Best tuning parameters:
#Tuning parameters
C50_model$bestTune## trials model winnow
## 178 78 tree TRUE- Density of accuracy and Kappa coefficients for k-folds cross-validation iterations:
#Density of accuracy and Kappa for different k-folds cross-validation iterations
resampleHist(C50_model, type = "density", layout = c(2, 1), adjust = 1.5)
As could be observed, model is highly accurate (Any k-fold iteration has more than 99% accuracy).
- Important variables for prediction:
#Important variables
important_variables <- varImp(C50_model, scale = TRUE)
plot(important_variables, top = 58)
This plot shows how different variables are important for built model. As could be observed, there are 8 variables which aren’t important for prediction at all.
#No important variables
row.names(tail(important_variables$importance, 8))## [1] "accel_belt_y" "magnet_belt_y" "roll_arm"
## [4] "gyros_arm_y" "accel_arm_y" "magnet_arm_y"
## [7] "pitch_dumbbell" "magnet_forearm_x"- Accuracy on training data (in sample error)
#In sample error
confusionMatrix(training$classe, predict(C50_model, newdata = training))## Confusion Matrix and Statistics
##
## Reference
## Prediction A B C D E
## A 4464 0 0 0 0
## B 0 3038 0 0 0
## C 0 0 2738 0 0
## D 0 0 0 2573 0
## E 0 0 0 0 2886
##
## Overall Statistics
##
## Accuracy : 1
## 95% CI : (0.9998, 1)
## No Information Rate : 0.2843
## P-Value [Acc > NIR] : < 2.2e-16
##
## Kappa : 1
## Mcnemar's Test P-Value : NA
##
## Statistics by Class:
##
## Class: A Class: B Class: C Class: D Class: E
## Sensitivity 1.0000 1.0000 1.0000 1.0000 1.0000
## Specificity 1.0000 1.0000 1.0000 1.0000 1.0000
## Pos Pred Value 1.0000 1.0000 1.0000 1.0000 1.0000
## Neg Pred Value 1.0000 1.0000 1.0000 1.0000 1.0000
## Prevalence 0.2843 0.1935 0.1744 0.1639 0.1838
## Detection Rate 0.2843 0.1935 0.1744 0.1639 0.1838
## Detection Prevalence 0.2843 0.1935 0.1744 0.1639 0.1838
## Balanced Accuracy 1.0000 1.0000 1.0000 1.0000 1.0000As could be observed, model reports best possible accuracy -> 1 on training data. No cases were classified incorrectly.

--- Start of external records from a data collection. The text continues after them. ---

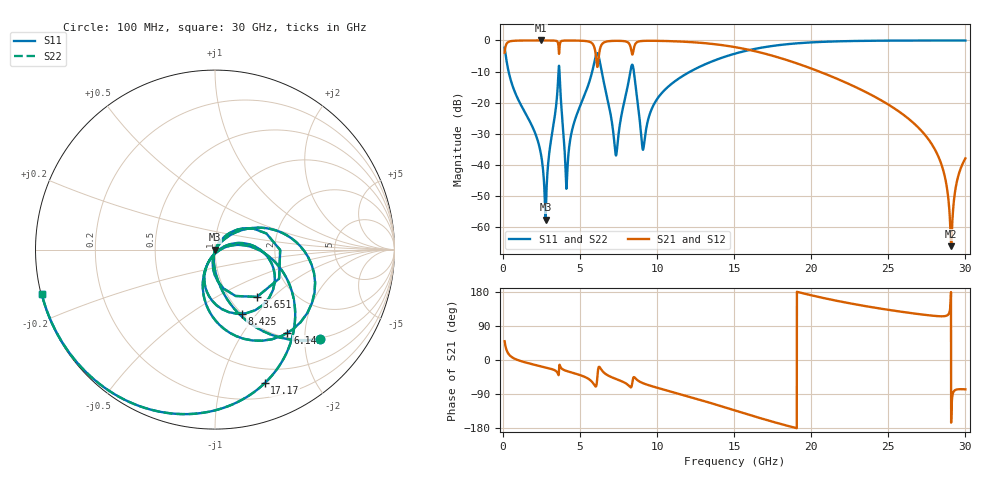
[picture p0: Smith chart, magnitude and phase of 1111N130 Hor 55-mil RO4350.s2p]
# GHz S MA R 50
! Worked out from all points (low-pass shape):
!   3201 points, 100 MHz to 30 GHz, reference 50 ohm
!   highest |S21| = -0.01 dB at 2.455 GHz (marker M1); lowest = -66.0 dB at 29.07 GHz (marker M2)
!   |S21| within 3 dB of the highest: 120.4 MHz to 3.61 GHz (3.49 GHz wide, 187 % of centre); 8.468 GHz to 15.95 GHz (7.478 GHz wide, 61.3 % of centre)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
!   lowest |S11| = -57.6 dB at 2.754 GHz (marker M3), VSWR 1.00, Z = 50.1 - j0.0421 ohm
!   |S11| at or under -10 dB: 357.8 MHz to 3.599 GHz (3.242 GHz wide, 164 % of centre); 3.66 GHz to 5.785 GHz (2.124 GHz wide, 45 % of centre); 8.485 GHz to 12.15 GHz (3.661 GHz wide, 35.5 % of centre)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
!   |S22| runs from -57.6 to 0.0 dB; largest |S21 - S12| = 0
!   S11 on the Smith chart (normalised r, x): 100 MHz: 0.97, -2.37; 3.651 GHz: 1.33, -0.80; 6.145 GHz: 1.09, -1.62; 8.425 GHz: 1.00, -0.84; 17.17 GHz: 0.34, -1.38; 30 GHz: 0.00, -0.13
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0.1  0.769 -40.4  0.6389 49.6  0.6389 49.6  0.769 -40.4
0.5485  0.2097 -81.7  0.9772 8.2  0.9772 8.2  0.2097 -81.7
2.454625  0.01513 -102.5  0.9985 -16.5  0.9985 -16.5  0.01513 -102.5
2.753625  0.001324 -18.5  0.9984 -19.5  0.9984 -19.5  0.001324 -18.5
3.650625  0.3522 -48.5  0.6885 -14.3  0.6885 -14.3  0.3522 -48.5
4.127156  0.004634 0.4  0.9955 -29.1  0.9955 -29.1  0.004634 0.4
5.089563  0.1005 45.3  0.9881 -41.2  0.9881 -41.2  0.1005 45.3
5.809031  0.3344 19.9  0.8816 -59.4  0.8816 -59.4  0.3344 19.9
6.145406  0.6153 -49.1  0.3946 -32.0  0.3946 -32.0  0.6153 -49.1
6.463094  0.2615 -104.0  0.8954 -29.9  0.8954 -29.9  0.2615 -104.0
7.322719  0.01425 -51.4  0.9849 -50.0  0.9849 -50.0  0.01425 -51.4
8.425281  0.3872 -67.5  0.6224 -50.5  0.6224 -50.5  0.3872 -67.5
9.079344  0.01758 -50.4  0.9817 -61.2  0.9817 -61.2  0.01758 -50.4
10.06978  0.1217 12.4  0.9838 -74.0  0.9838 -74.0  0.1217 12.4
15.05  0.6136 -43.8  0.7807 -133.2  0.7807 -133.2  0.6136 -43.8
17.17103  0.7947 -69.7  0.5966 -159.1  0.5966 -159.1  0.7947 -69.7
20.03956  0.9311 -100.1  0.3512 170.4  0.3512 170.4  0.9311 -100.1
25.01978  0.9921 -138.4  0.09286 132.3  0.09286 132.3  0.9921 -138.4
28.04716  0.9965 -155.8  0.01731 116.2  0.01731 116.2  0.9965 -155.8
28.66384  0.9966 -159.0  0.006555 115.8  0.006555 115.8  0.9966 -159.0
29.07497  0.9967 -161.1  0.0004997 -165.3  0.0004997 -165.3  0.9967 -161.1
30  0.9966 -165.6  0.01281 -77.4  0.01281 -77.4  0.9966 -165.6
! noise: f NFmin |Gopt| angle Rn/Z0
0.1  0.0009007  0.8  2.47  0.000933
3.417  0.02358  0.7459  23.87  0.01787
6.743  0.05912  0.8002  46.49  0.0519
10.06  0.03707  0.5942  65.98  0.01212
13.39  0.04148  0.554  80.92  0.01021
16.7  0.05943  0.6282  95.75  0.01434
20.03  0.09778  0.7461  112.6  0.02499
23.35  0.1963  0.8651  130.9  0.05535
26.67  0.6235  0.9557  148.9  0.2295
30  2.211  0.9869  165.5  0.6431

- Accuracy on testing data (out of sample error)
#Out of sample error
confusionMatrix(testing$classe, predict(C50_model, newdata = testing))## Confusion Matrix and Statistics
##
## Reference
## Prediction A B C D E
## A 1116 0 0 0 0
## B 1 758 0 0 0
## C 0 1 683 0 0
## D 0 0 0 643 0
## E 0 1 0 2 718
##
## Overall Statistics
##
## Accuracy : 0.9987
## 95% CI : (0.997, 0.9996)
## No Information Rate : 0.2847
## P-Value [Acc > NIR] : < 2.2e-16
##
## Kappa : 0.9984
## Mcnemar's Test P-Value : NA
##
## Statistics by Class:
##
## Class: A Class: B Class: C Class: D Class: E
## Sensitivity 0.9991 0.9974 1.0000 0.9969 1.0000
## Specificity 1.0000 0.9997 0.9997 1.0000 0.9991
## Pos Pred Value 1.0000 0.9987 0.9985 1.0000 0.9958
## Neg Pred Value 0.9996 0.9994 1.0000 0.9994 1.0000
## Prevalence 0.2847 0.1937 0.1741 0.1644 0.1830
## Detection Rate 0.2845 0.1932 0.1741 0.1639 0.1830
## Detection Prevalence 0.2845 0.1935 0.1744 0.1639 0.1838
## Balanced Accuracy 0.9996 0.9985 0.9998 0.9984 0.9995As could be observed, model reports pretty high accuracy -> 0.9987 on testing data. Only 5 cases were classified incorrectly. All 20 cases form pml.testing data also were classified correctly by this model.